An electoral division (ED, toghroinn) is a legally defined administrative area in the Republic of Ireland, generally comprising multiple townlands, and formerly a subdivision of urban and rural districts. Until 1996, EDs were known as district electoral divisions (DEDs, toghroinn ceantair) in the 29 county council areas and wards in the five county boroughs. Until 1972, DEDs also existed in Northern Ireland. The predecessor poor law electoral divisions were introduced throughout the island of Ireland in the 1830s. The divisions were used as local-government electoral areas until 1919 in what is now the Republic and until 1972 in Northern Ireland.

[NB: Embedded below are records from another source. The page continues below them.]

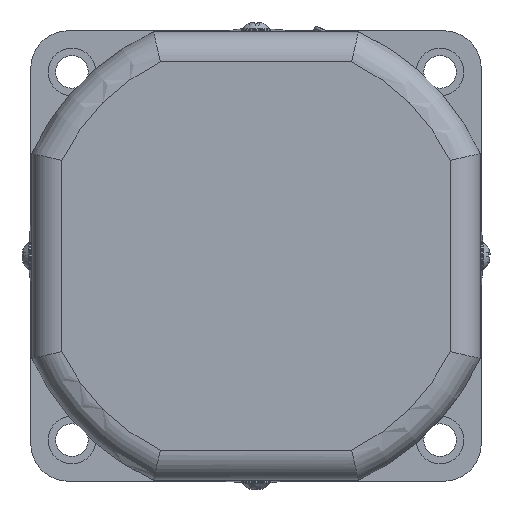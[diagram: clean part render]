
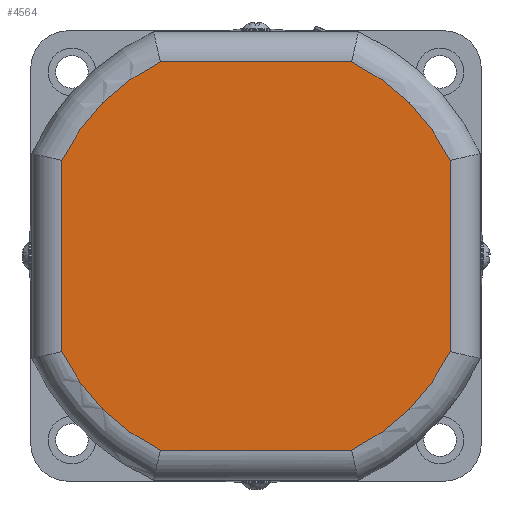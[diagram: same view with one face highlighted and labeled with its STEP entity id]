
A CAD part, left-side view. The second image highlights one B-rep face of the part: STEP entity #4564.
In plain terms, the highlighted planar face has unit normal (-1, 0, 0) as drawn and (0, 0, -1) by its records, which use the part's own axes.
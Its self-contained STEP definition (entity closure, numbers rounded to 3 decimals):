
#3897=CARTESIAN_POINT('',(38.8,-19.108,0.0));
#3898=VERTEX_POINT('',#3897);
#3925=CARTESIAN_POINT('',(19.108,-38.8,0.0));
#3926=VERTEX_POINT('',#3925);
#3944=CARTESIAN_POINT('',(0.0,0.0,0.0));
#3945=DIRECTION('',(0.0,0.0,1.0));
#3946=DIRECTION('',(0.707,-0.707,0.0));
#3947=AXIS2_PLACEMENT_3D('',#3944,#3945,#3946);
#3948=CIRCLE('',#3947,43.25);
#3949=EDGE_CURVE('',#3926,#3898,#3948,.T.);
#3961=CARTESIAN_POINT('',(-19.108,-38.8,0.0));
#3962=VERTEX_POINT('',#3961);
#3980=CARTESIAN_POINT('',(-19.108,-38.8,0.0));
#3981=DIRECTION('',(1.0,0.0,0.0));
#3982=VECTOR('',#3981,38.216);
#3983=LINE('',#3980,#3982);
#3984=EDGE_CURVE('',#3962,#3926,#3983,.T.);
#4003=CARTESIAN_POINT('',(38.8,19.108,0.0));
#4004=VERTEX_POINT('',#4003);
#4029=CARTESIAN_POINT('',(38.8,-19.108,0.0));
#4030=DIRECTION('',(0.0,1.0,0.0));
#4031=VECTOR('',#4030,38.216);
#4032=LINE('',#4029,#4031);
#4033=EDGE_CURVE('',#3898,#4004,#4032,.T.);
#4045=CARTESIAN_POINT('',(-38.8,-19.108,0.0));
#4046=VERTEX_POINT('',#4045);
#4064=CARTESIAN_POINT('',(0.0,0.0,0.0));
#4065=DIRECTION('',(0.0,0.0,1.0));
#4066=DIRECTION('',(-0.707,-0.707,0.0));
#4067=AXIS2_PLACEMENT_3D('',#4064,#4065,#4066);
#4068=CIRCLE('',#4067,43.25);
#4069=EDGE_CURVE('',#4046,#3962,#4068,.T.);
#4089=CARTESIAN_POINT('',(19.108,38.8,0.0));
#4090=VERTEX_POINT('',#4089);
#4116=CARTESIAN_POINT('',(0.0,0.0,0.0));
#4117=DIRECTION('',(0.0,0.0,1.0));
#4118=DIRECTION('',(0.707,0.707,0.0));
#4119=AXIS2_PLACEMENT_3D('',#4116,#4117,#4118);
#4120=CIRCLE('',#4119,43.25);
#4121=EDGE_CURVE('',#4004,#4090,#4120,.T.);
#4133=CARTESIAN_POINT('',(-38.8,19.108,0.0));
#4134=VERTEX_POINT('',#4133);
#4152=CARTESIAN_POINT('',(-38.8,19.108,0.0));
#4153=DIRECTION('',(0.0,-1.0,0.0));
#4154=VECTOR('',#4153,38.216);
#4155=LINE('',#4152,#4154);
#4156=EDGE_CURVE('',#4134,#4046,#4155,.T.);
#4173=CARTESIAN_POINT('',(-19.108,38.8,0.0));
#4174=VERTEX_POINT('',#4173);
#4201=CARTESIAN_POINT('',(19.108,38.8,0.0));
#4202=DIRECTION('',(-1.0,0.0,0.0));
#4203=VECTOR('',#4202,38.216);
#4204=LINE('',#4201,#4203);
#4205=EDGE_CURVE('',#4090,#4174,#4204,.T.);
#4216=CARTESIAN_POINT('',(0.0,0.0,0.0));
#4217=DIRECTION('',(0.0,0.0,1.0));
#4218=DIRECTION('',(-0.707,0.707,0.0));
#4219=AXIS2_PLACEMENT_3D('',#4216,#4217,#4218);
#4220=CIRCLE('',#4219,43.25);
#4221=EDGE_CURVE('',#4174,#4134,#4220,.T.);
#4549=CARTESIAN_POINT('',(0.,0.0,0.0));
#4550=DIRECTION('',(0.0,0.0,1.0));
#4551=DIRECTION('',(1.0,0.0,0.0));
#4552=AXIS2_PLACEMENT_3D('',#4549,#4550,#4551);
#4553=PLANE('',#4552);
#4554=ORIENTED_EDGE('',*,*,#4205,.F.);
#4555=ORIENTED_EDGE('',*,*,#4121,.F.);
#4556=ORIENTED_EDGE('',*,*,#4033,.F.);
#4557=ORIENTED_EDGE('',*,*,#3949,.F.);
#4558=ORIENTED_EDGE('',*,*,#3984,.F.);
#4559=ORIENTED_EDGE('',*,*,#4069,.F.);
#4560=ORIENTED_EDGE('',*,*,#4156,.F.);
#4561=ORIENTED_EDGE('',*,*,#4221,.F.);
#4562=EDGE_LOOP('',(#4554,#4555,#4556,#4557,#4558,#4559,#4560,#4561));
#4563=FACE_OUTER_BOUND('',#4562,.T.);
#4564=ADVANCED_FACE('',(#4563),#4553,.F.);

==History until partition==
Electoral divisions originated under the Poor Relief (Ireland) Act 1838 as "poor law electoral divisions": electoral divisions of a poor law union (PLU) returning one or more members to the PLU's board of guardians. The boundaries of these were drawn by Poor Law Commissioners, with the intention of producing areas roughly equivalent in both population and "rateable value" (rates being the property tax which funded local government). This meant that while electoral divisions almost always contiguous, they might bear little relation to natural community boundaries. Elections used first-past-the-post in single-member divisions and multiple non-transferable vote in those electing two (or occasionally more) guardians. The 1838 act required electoral divisions to comprise complete townlands; an 1839 amendment empowered the Commissioners to ignore this restriction when constituting a large town into a single electoral division and dividing it into "wards" for poor law elections. Typically, poor law wards matched pre-existing municipal ward boundaries, though the respective electoral franchises differed. In 1872, the Poor Law Commissioners were replaced by the Local Government Board for Ireland (LGBI) which had broader powers. The Commissioners and LGBI had power to revise most local boundaries, including electoral divisions. Returns of the valuation of each electoral division were made to Parliament in 1846, 1866, and 1901.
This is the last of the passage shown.